I Bianconeri hampir dipastikan mengakhiri musim ini tanpa gelar setelah dikalahkan oleh Atalanta dengan skor telak 0-4 di Allianz Stadium, Turin.
Gol-gol dari Mateo Retegui, Marten de Roon, Davide Zappacosta, dan Ademola Lookman menjadi pembeda dalam duel antara tim peringkat ketiga dan keempat Serie A pada Senin (10/3) dini hari WIB.
Juventus tadinya disertakan dalam perburuan gelar Scudetto, setelah meraih lima kemenangan beruntun di Serie A, namun dengan selisih sembilan poin dari puncak klasemen, mereka pun tampaknya dicoret dalam perburuan.
Ini semakin menegaskan keterpurukan Thiago Motta, yang sebelumnya gagal membawa Juve melaju jauh di Liga Champions, Coppa Italia, dan Piala Super Italia.
Bianconeri sudah tersingkir dari semua kompetisi itu, dan tujuan yang bisa dikejar di sisa musim adalah tiket ke Liga Champions.
Rumor pemecatan Motta pun mencuat dan beberapa nama, termasuk Antonio Conte mencuat ke permukaan sebagai calon penggantinya.

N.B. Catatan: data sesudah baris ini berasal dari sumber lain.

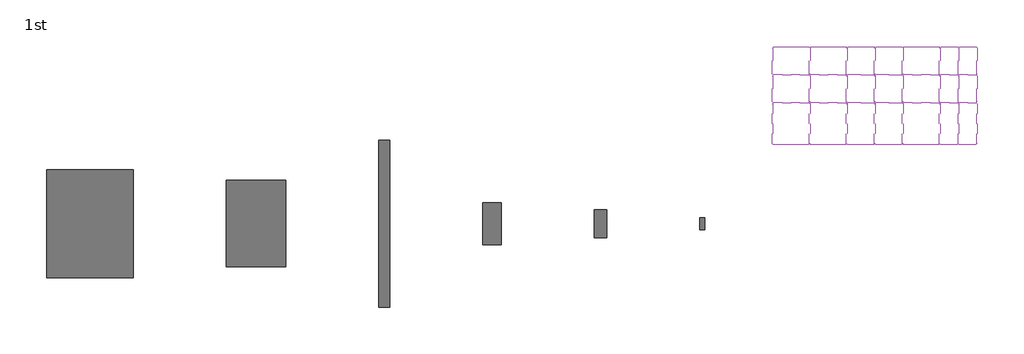
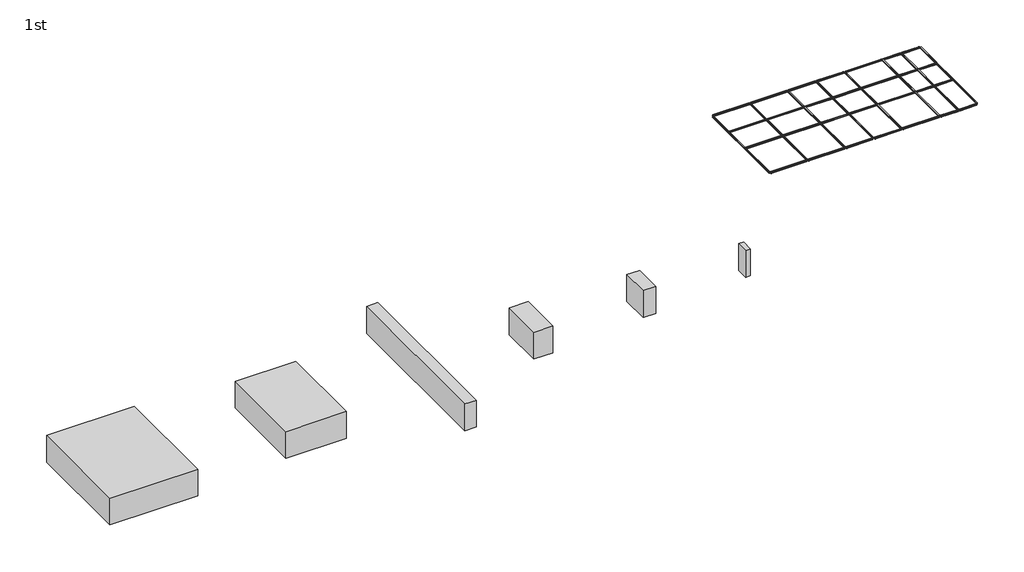
# One storey: 52 beams, 6 proxies.
"""IFC4 building model written with IfcOpenShell, lengths in millimetres."""

import ifcopenshell
import ifcopenshell.guid

model = None  # the IFC model being written
_history = None  # IfcOwnerHistory: only IFC2X3 demands one
_inside = {}  # id of a spatial element -> (the spatial element, [elements in it])
_under = {}  # id of a project, library or spatial element -> (it, [spatial elements below it])
_declared = {}  # id of a project -> (the project, [libraries it declares])
_typed = {}  # id of a type object -> (the type object, [elements of that type])
_made_of = {}  # id of a material, layer set ... -> (it, [elements and type objects made of it])


def new_model(schema):
    """Start an empty IFC model of exactly this schema.

    Asked for "IFC4X3", IfcOpenShell would pick the latest addendum, in which some entities
    have other attributes; the version numbers below select the first issue.
    IFC2X3 requires an IfcOwnerHistory on every rooted entity: one is made here for all.
    """
    global model, _history
    if schema == "IFC4X3":
        model = ifcopenshell.file(schema_version=(4, 3, 0, 0))
    else:
        model = ifcopenshell.file(schema=schema)
    _inside.clear()
    _under.clear()
    _declared.clear()
    _typed.clear()
    _made_of.clear()
    _history = None
    if model.schema == "IFC2X3":
        org = make("IfcOrganization", Name="unknown")
        user = make(
            "IfcPersonAndOrganization",
            ThePerson=make("IfcPerson", FamilyName="unknown"),
            TheOrganization=org,
        )
        app = make(
            "IfcApplication",
            ApplicationDeveloper=org,
            Version="unknown",
            ApplicationFullName="unknown",
            ApplicationIdentifier="unknown",
        )
        _history = make(
            "IfcOwnerHistory",
            OwningUser=user,
            OwningApplication=app,
            ChangeAction="ADDED",
            CreationDate=0,
        )
    return model


def make(cls, **values):
    """One entity of the class cls with the attributes given. An attribute that is None is left unset."""
    return model.create_entity(
        cls, **{name: value for name, value in values.items() if value is not None}
    )


def rooted(cls, **values):
    """An entity with a GlobalId (a new one), such as an element, a storey or a relation."""
    return make(cls, GlobalId=ifcopenshell.guid.new(), OwnerHistory=_history, **values)


def si_unit(unit_type, name, prefix=None):
    """IfcSIUnit, for example si_unit("LENGTHUNIT", "METRE", prefix="MILLI")."""
    return make("IfcSIUnit", UnitType=unit_type, Prefix=prefix, Name=name)


def assignment(units):
    """IfcUnitAssignment: the units of a project."""
    return None if units is None else make("IfcUnitAssignment", Units=units)


def point(xyz):
    """IfcCartesianPoint."""
    return None if xyz is None else make("IfcCartesianPoint", Coordinates=xyz)


def direction(xyz):
    """IfcDirection."""
    return None if xyz is None else make("IfcDirection", DirectionRatios=xyz)


def frame(location, z_axis=None, x_axis=None):
    """IfcAxis2Placement3D, a coordinate frame: its origin and axes. An axis left out is left unset."""
    return make(
        "IfcAxis2Placement3D",
        Location=point(location),
        Axis=direction(z_axis),
        RefDirection=direction(x_axis),
    )


def frame_2d(location, x_axis=None):
    """IfcAxis2Placement2D, a coordinate frame in the plane: its origin and x axis."""
    return make(
        "IfcAxis2Placement2D", Location=point(location), RefDirection=direction(x_axis)
    )


def origin():
    """The frame at (0, 0, 0) with its axes left unset."""
    return frame((0.0, 0.0, 0.0))


def origin_with_axes():
    """The frame at (0, 0, 0) with the z axis (0, 0, 1) and the x axis (1, 0, 0) written out."""
    return frame((0.0, 0.0, 0.0), z_axis=(0.0, 0.0, 1.0), x_axis=(1.0, 0.0, 0.0))


def place(relative_to, where):
    """IfcLocalPlacement: puts the frame where relative to a parent placement (None: the world)."""
    return make(
        "IfcLocalPlacement", PlacementRelTo=relative_to, RelativePlacement=where
    )


def context(
    kind, dimensions, precision=None, world=None, true_north=None, identifier=None
):
    """IfcGeometricRepresentationContext, for example the 3D "Model" context."""
    return make(
        "IfcGeometricRepresentationContext",
        ContextIdentifier=identifier,
        ContextType=kind,
        CoordinateSpaceDimension=dimensions,
        Precision=precision,
        WorldCoordinateSystem=world,
        TrueNorth=true_north,
    )


def project(units=None, contexts=None):
    """IfcProject with its units and contexts."""
    return rooted(
        "IfcProject",
        Name="project",
        RepresentationContexts=contexts,
        UnitsInContext=assignment(units),
    )


def spatial(cls, under=None, at=None, **own):
    """A site, building, storey or space (cls), placed at a placement, below another one or the project."""
    s = rooted(cls, ObjectPlacement=at, **own)
    if under is not None:
        _under.setdefault(under.id(), (under, []))[1].append(s)
    return s


def polyline(points):
    """IfcPolyline through the points."""
    return make("IfcPolyline", Points=[point(p) for p in points])


def circle_curve(where, radius):
    """IfcCircle in the frame where."""
    return make("IfcCircle", Position=where, Radius=radius)


def trimmed(basis, trim1, trim2, sense, master):
    """IfcTrimmedCurve: the piece of a basis curve between two trims."""
    return make(
        "IfcTrimmedCurve",
        BasisCurve=basis,
        Trim1=trim1,
        Trim2=trim2,
        SenseAgreement=sense,
        MasterRepresentation=master,
    )


def segment(curve, same_sense, transition):
    """IfcCompositeCurveSegment."""
    return make(
        "IfcCompositeCurveSegment",
        Transition=transition,
        SameSense=same_sense,
        ParentCurve=curve,
    )


def composite_curve(segments, self_intersect=None):
    """IfcCompositeCurve: segments joined end to end."""
    return make("IfcCompositeCurve", Segments=segments, SelfIntersect=self_intersect)


def outline(outer, holes=None, kind="AREA"):
    """IfcArbitraryClosedProfileDef: a profile drawn as a closed curve; with holes, ...WithVoids."""
    if holes is None:
        return make("IfcArbitraryClosedProfileDef", ProfileType=kind, OuterCurve=outer)
    return make(
        "IfcArbitraryProfileDefWithVoids",
        ProfileType=kind,
        OuterCurve=outer,
        InnerCurves=holes,
    )


def extrude(swept, where, along, depth):
    """IfcExtrudedAreaSolid: the profile swept, set in the frame where, extruded along a direction by depth."""
    return make(
        "IfcExtrudedAreaSolid",
        SweptArea=swept,
        Position=where,
        ExtrudedDirection=direction(along),
        Depth=depth,
    )


def shape(context_of_items, identifier, shape_type, items):
    """IfcShapeRepresentation: the items that make up one representation, for example the "Body"."""
    return make(
        "IfcShapeRepresentation",
        ContextOfItems=context_of_items,
        RepresentationIdentifier=identifier,
        RepresentationType=shape_type,
        Items=items,
    )


def source(mapping_origin, context_of_items, identifier, shape_type, items):
    """IfcRepresentationMap: a shape defined once, which mapped items show again and again."""
    return make(
        "IfcRepresentationMap",
        MappingOrigin=mapping_origin,
        MappedRepresentation=shape(context_of_items, identifier, shape_type, items),
    )


def transform(
    local_origin,
    x_axis=None,
    y_axis=None,
    z_axis=None,
    scale=None,
    scale2=None,
    scale3=None,
    uniform=True,
):
    """IfcCartesianTransformationOperator3D, or its non-uniform kind. x_axis, y_axis, z_axis: its Axis1, 2, 3."""
    if uniform:
        return make(
            "IfcCartesianTransformationOperator3D",
            Axis1=direction(x_axis),
            Axis2=direction(y_axis),
            LocalOrigin=point(local_origin),
            Scale=scale,
            Axis3=direction(z_axis),
        )
    return make(
        "IfcCartesianTransformationOperator3DnonUniform",
        Axis1=direction(x_axis),
        Axis2=direction(y_axis),
        LocalOrigin=point(local_origin),
        Scale=scale,
        Axis3=direction(z_axis),
        Scale2=scale2,
        Scale3=scale3,
    )


def mapped(mapping_source, mapping_target):
    """IfcMappedItem: shows the shape of a source again, moved by a transform."""
    return make(
        "IfcMappedItem", MappingSource=mapping_source, MappingTarget=mapping_target
    )


def made_of(thing, what):
    """Note that an element or type object is made of a material, layer set ...; save() writes the relation."""
    if what is not None:
        _made_of.setdefault(what.id(), (what, []))[1].append(thing)
    return thing


def element(
    cls,
    number,
    at=None,
    inside=None,
    cuts=None,
    type_object=None,
    material=None,
    context=None,
    identifier="Body",
    shape_type=None,
    held_by="IfcProductDefinitionShape",
    body=None,
    shapes=None,
    **own,
):
    """One element of the class cls, such as IfcWall. Its Tag is "e" and its number.

    at: its placement. inside: the storey or other place that contains it. cuts: it is an
    opening in that element (IfcRelVoidsElement). A single representation is given by context,
    identifier, shape_type and body (its items); several are given by shapes. held_by: the class
    of the entity that holds the representations. save() writes the other relations.
    """
    e = rooted(cls, Tag="e%d" % number, ObjectPlacement=at, **own)
    if body is not None:
        shapes = [shape(context, identifier, shape_type, body)]
    if shapes is not None:
        e.Representation = make(held_by, Representations=shapes)
    if inside is not None:
        _inside.setdefault(inside.id(), (inside, []))[1].append(e)
    if cuts is not None:
        rooted(
            "IfcRelVoidsElement", RelatingBuildingElement=cuts, RelatedOpeningElement=e
        )
    if type_object is not None:
        _typed.setdefault(type_object.id(), (type_object, []))[1].append(e)
    return made_of(e, material)


def aggregate(whole, parts):
    """IfcRelAggregates: a whole, such as a stair, and the parts it consists of."""
    return rooted("IfcRelAggregates", RelatingObject=whole, RelatedObjects=parts)


def save(model, path):
    """Write the relations noted so far, then the file.

    IfcRelAggregates (storeys below a building ...), IfcRelContainedInSpatialStructure (elements
    in a storey), IfcRelDefinesByType, IfcRelAssociatesMaterial and IfcRelDeclares: one each for
    every whole, place, type object, material and project.
    """
    for whole, parts in _under.values():
        aggregate(whole, parts)
    for where, things in _inside.values():
        rooted(
            "IfcRelContainedInSpatialStructure",
            RelatedElements=things,
            RelatingStructure=where,
        )
    for kind, things in _typed.values():
        rooted("IfcRelDefinesByType", RelatedObjects=things, RelatingType=kind)
    for what, things in _made_of.values():
        rooted("IfcRelAssociatesMaterial", RelatedObjects=things, RelatingMaterial=what)
    for by, libraries in _declared.values():
        rooted("IfcRelDeclares", RelatingContext=by, RelatedDefinitions=libraries)
    model.write(path)


def ub_universal_beams_ub305x165x40_6dcc7521(model_context):
    return source(origin(), model_context, "Body", "SweptSolid", [
        extrude(outline(composite_curve([segment(polyline([(82.5, -141.5), (82.5, -151.7), (-82.5, -151.7), (-82.5, -141.5), (-11.9, -141.5)]), True, "CONTINUOUS"), segment(trimmed(circle_curve(frame_2d((-11.9, -132.6)), 8.9), [point((-11.9, -141.5))], [point((-3.0, -132.6))], True, "CARTESIAN"), True, "CONTINUOUS"), segment(polyline([(-3.0, -132.6), (-3.0, 132.6)]), True, "CONTINUOUS"), segment(trimmed(circle_curve(frame_2d((-11.9, 132.6)), 8.9), [point((-3.0, 132.6))], [point((-11.9, 141.5))], True, "CARTESIAN"), True, "CONTINUOUS"), segment(polyline([(-11.9, 141.5), (-82.5, 141.5), (-82.5, 151.7), (82.5, 151.7), (82.5, 141.5), (11.9, 141.5)]), True, "CONTINUOUS"), segment(trimmed(circle_curve(frame_2d((11.9, 132.6)), 8.9), [point((11.9, 141.5))], [point((3.0, 132.6))], True, "CARTESIAN"), True, "CONTINUOUS"), segment(polyline([(3.0, 132.6), (3.0, -132.6)]), True, "CONTINUOUS"), segment(trimmed(circle_curve(frame_2d((11.9, -132.6)), 8.9), [point((3.0, -132.6))], [point((11.9, -141.5))], True, "CARTESIAN"), True, "CONTINUOUS"), segment(polyline([(11.9, -141.5), (82.5, -141.5)]), True, "CONTINUOUS")], self_intersect=False)), frame((-4333.3, 0.0, 0.0), z_axis=(1.0, 0.0, 0.0), x_axis=(0.0, 1.0, 0.0)), (0.0, 0.0, 1.0), 8666.6),
    ])


def ub_universal_beams_ub305x165x40_7f5f946b(model_context):
    return source(origin(), model_context, "Body", "SweptSolid", [
        extrude(outline(composite_curve([segment(polyline([(82.5, -141.5), (82.5, -151.7), (-82.5, -151.7), (-82.5, -141.5), (-11.9, -141.5)]), True, "CONTINUOUS"), segment(trimmed(circle_curve(frame_2d((-11.9, -132.6)), 8.9), [point((-11.9, -141.5))], [point((-3.0, -132.6))], True, "CARTESIAN"), True, "CONTINUOUS"), segment(polyline([(-3.0, -132.6), (-3.0, 132.6)]), True, "CONTINUOUS"), segment(trimmed(circle_curve(frame_2d((-11.9, 132.6)), 8.9), [point((-3.0, 132.6))], [point((-11.9, 141.5))], True, "CARTESIAN"), True, "CONTINUOUS"), segment(polyline([(-11.9, 141.5), (-82.5, 141.5), (-82.5, 151.7), (82.5, 151.7), (82.5, 141.5), (11.9, 141.5)]), True, "CONTINUOUS"), segment(trimmed(circle_curve(frame_2d((11.9, 132.6)), 8.9), [point((11.9, 141.5))], [point((3.0, 132.6))], True, "CARTESIAN"), True, "CONTINUOUS"), segment(polyline([(3.0, 132.6), (3.0, -132.6)]), True, "CONTINUOUS"), segment(trimmed(circle_curve(frame_2d((11.9, -132.6)), 8.9), [point((3.0, -132.6))], [point((11.9, -141.5))], True, "CARTESIAN"), True, "CONTINUOUS"), segment(polyline([(11.9, -141.5), (82.5, -141.5)]), True, "CONTINUOUS")], self_intersect=False)), frame((-2833.3, 0.0, 0.0), z_axis=(1.0, 0.0, 0.0), x_axis=(0.0, 1.0, 0.0)), (0.0, 0.0, 1.0), 5666.6),
    ])


def ub_universal_beams_ub305x165x40_37dc1813(model_context):
    return source(origin(), model_context, "Body", "SweptSolid", [
        extrude(outline(composite_curve([segment(polyline([(82.5, -141.5), (82.5, -151.7), (-82.5, -151.7), (-82.5, -141.5), (-11.9, -141.5)]), True, "CONTINUOUS"), segment(trimmed(circle_curve(frame_2d((-11.9, -132.6)), 8.9), [point((-11.9, -141.5))], [point((-3.0, -132.6))], True, "CARTESIAN"), True, "CONTINUOUS"), segment(polyline([(-3.0, -132.6), (-3.0, 132.6)]), True, "CONTINUOUS"), segment(trimmed(circle_curve(frame_2d((-11.9, 132.6)), 8.9), [point((-3.0, 132.6))], [point((-11.9, 141.5))], True, "CARTESIAN"), True, "CONTINUOUS"), segment(polyline([(-11.9, 141.5), (-82.5, 141.5), (-82.5, 151.7), (82.5, 151.7), (82.5, 141.5), (11.9, 141.5)]), True, "CONTINUOUS"), segment(trimmed(circle_curve(frame_2d((11.9, 132.6)), 8.9), [point((11.9, 141.5))], [point((3.0, 132.6))], True, "CARTESIAN"), True, "CONTINUOUS"), segment(polyline([(3.0, 132.6), (3.0, -132.6)]), True, "CONTINUOUS"), segment(trimmed(circle_curve(frame_2d((11.9, -132.6)), 8.9), [point((3.0, -132.6))], [point((11.9, -141.5))], True, "CARTESIAN"), True, "CONTINUOUS"), segment(polyline([(11.9, -141.5), (82.5, -141.5)]), True, "CONTINUOUS")], self_intersect=False)), frame((-3834.6, 0.0, 0.0), z_axis=(1.0, 0.0, 0.0), x_axis=(0.0, 1.0, 0.0)), (0.0, 0.0, 1.0), 7669.2),
    ])


def ub_universal_beams_ub305x165x40_4fbda082(model_context):
    return source(origin(), model_context, "Body", "SweptSolid", [
        extrude(outline(composite_curve([segment(polyline([(82.5, -141.5), (82.5, -151.7), (-82.5, -151.7), (-82.5, -141.5), (-11.9, -141.5)]), True, "CONTINUOUS"), segment(trimmed(circle_curve(frame_2d((-11.9, -132.6)), 8.9), [point((-11.9, -141.5))], [point((-3.0, -132.6))], True, "CARTESIAN"), True, "CONTINUOUS"), segment(polyline([(-3.0, -132.6), (-3.0, 132.6)]), True, "CONTINUOUS"), segment(trimmed(circle_curve(frame_2d((-11.9, 132.6)), 8.9), [point((-3.0, 132.6))], [point((-11.9, 141.5))], True, "CARTESIAN"), True, "CONTINUOUS"), segment(polyline([(-11.9, 141.5), (-82.5, 141.5), (-82.5, 151.7), (82.5, 151.7), (82.5, 141.5), (11.9, 141.5)]), True, "CONTINUOUS"), segment(trimmed(circle_curve(frame_2d((11.9, 132.6)), 8.9), [point((11.9, 141.5))], [point((3.0, 132.6))], True, "CARTESIAN"), True, "CONTINUOUS"), segment(polyline([(3.0, 132.6), (3.0, -132.6)]), True, "CONTINUOUS"), segment(trimmed(circle_curve(frame_2d((11.9, -132.6)), 8.9), [point((3.0, -132.6))], [point((11.9, -141.5))], True, "CARTESIAN"), True, "CONTINUOUS"), segment(polyline([(11.9, -141.5), (82.5, -141.5)]), True, "CONTINUOUS")], self_intersect=False)), frame((-2834.6, 0.0, 0.0), z_axis=(1.0, 0.0, 0.0), x_axis=(0.0, 1.0, 0.0)), (0.0, 0.0, 1.0), 5669.2),
    ])


def ub_universal_beams_ub305x165x40_037cda9e(model_context):
    return source(origin(), model_context, "Body", "SweptSolid", [
        extrude(outline(composite_curve([segment(polyline([(82.5, -141.5), (82.5, -151.7), (-82.5, -151.7), (-82.5, -141.5), (-11.9, -141.5)]), True, "CONTINUOUS"), segment(trimmed(circle_curve(frame_2d((-11.9, -132.6)), 8.9), [point((-11.9, -141.5))], [point((-3.0, -132.6))], True, "CARTESIAN"), True, "CONTINUOUS"), segment(polyline([(-3.0, -132.6), (-3.0, 132.6)]), True, "CONTINUOUS"), segment(trimmed(circle_curve(frame_2d((-11.9, 132.6)), 8.9), [point((-3.0, 132.6))], [point((-11.9, 141.5))], True, "CARTESIAN"), True, "CONTINUOUS"), segment(polyline([(-11.9, 141.5), (-82.5, 141.5), (-82.5, 151.7), (82.5, 151.7), (82.5, 141.5), (11.9, 141.5)]), True, "CONTINUOUS"), segment(trimmed(circle_curve(frame_2d((11.9, 132.6)), 8.9), [point((11.9, 141.5))], [point((3.0, 132.6))], True, "CARTESIAN"), True, "CONTINUOUS"), segment(polyline([(3.0, 132.6), (3.0, -132.6)]), True, "CONTINUOUS"), segment(trimmed(circle_curve(frame_2d((11.9, -132.6)), 8.9), [point((3.0, -132.6))], [point((11.9, -141.5))], True, "CARTESIAN"), True, "CONTINUOUS"), segment(polyline([(11.9, -141.5), (82.5, -141.5)]), True, "CONTINUOUS")], self_intersect=False)), frame((-1834.6, 0.0, 0.0), z_axis=(1.0, 0.0, 0.0), x_axis=(0.0, 1.0, 0.0)), (0.0, 0.0, 1.0), 3669.2),
    ])


def generic_models_29bcd6f9(model_context):
    return source(origin(), model_context, "Body", "SweptSolid", [
        extrude(outline(polyline([(2000.0, 4500.0), (2000.0, -4500.0), (-2000.0, -4500.0), (-2000.0, 4500.0), (2000.0, 4500.0)])), origin_with_axes(), (0.0, 0.0, 1.0), 6000.0),
    ])


def generic_models_d82b1902(model_context):
    return source(origin(), model_context, "Body", "SweptSolid", [
        extrude(outline(polyline([(9300.0, 11600.0), (9300.0, -11600.0), (-9300.0, -11600.0), (-9300.0, 11600.0), (9300.0, 11600.0)])), origin_with_axes(), (0.0, 0.0, 1.0), 6000.0),
    ])


def generic_models_21711933(model_context):
    return source(origin(), model_context, "Body", "SweptSolid", [
        extrude(outline(polyline([(6400.0, 9300.0), (6400.0, -9300.0), (-6400.0, -9300.0), (-6400.0, 9300.0), (6400.0, 9300.0)])), origin_with_axes(), (0.0, 0.0, 1.0), 6000.0),
    ])


def generic_models_03d31222(model_context):
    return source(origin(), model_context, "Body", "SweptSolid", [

Kendati begitu, eks kapten Juve, Leonardo Bonucci, merasa aneh dengan bagaimana manajemen menanggapi situasi ini.
Sebab, mereka seakan membiarkan sang pelatih untuk dihujat publik setelah kekalahan kontra Atalanta tersebut.
Dia mengambil contoh ketika Juve kalah 0-2 dari Maccabi Haifa pada Liga Champions di musim 2022/2023, dan Andrea Agnelli melindungi Massimiliano Allegri.
"Anehnya, tidak ada yang berani bertanggung jawab. Agnelli melakukannya setelah kekalahan di Haifa," kata Bonucci kepada La Gazzetta dello Sport.
"Klub harus lebih sering muncul dengan sosok yang tepat," tambah Bonucci, yang telah meninggalkan Juve pada 2023 dan pensiun setahun kemudian.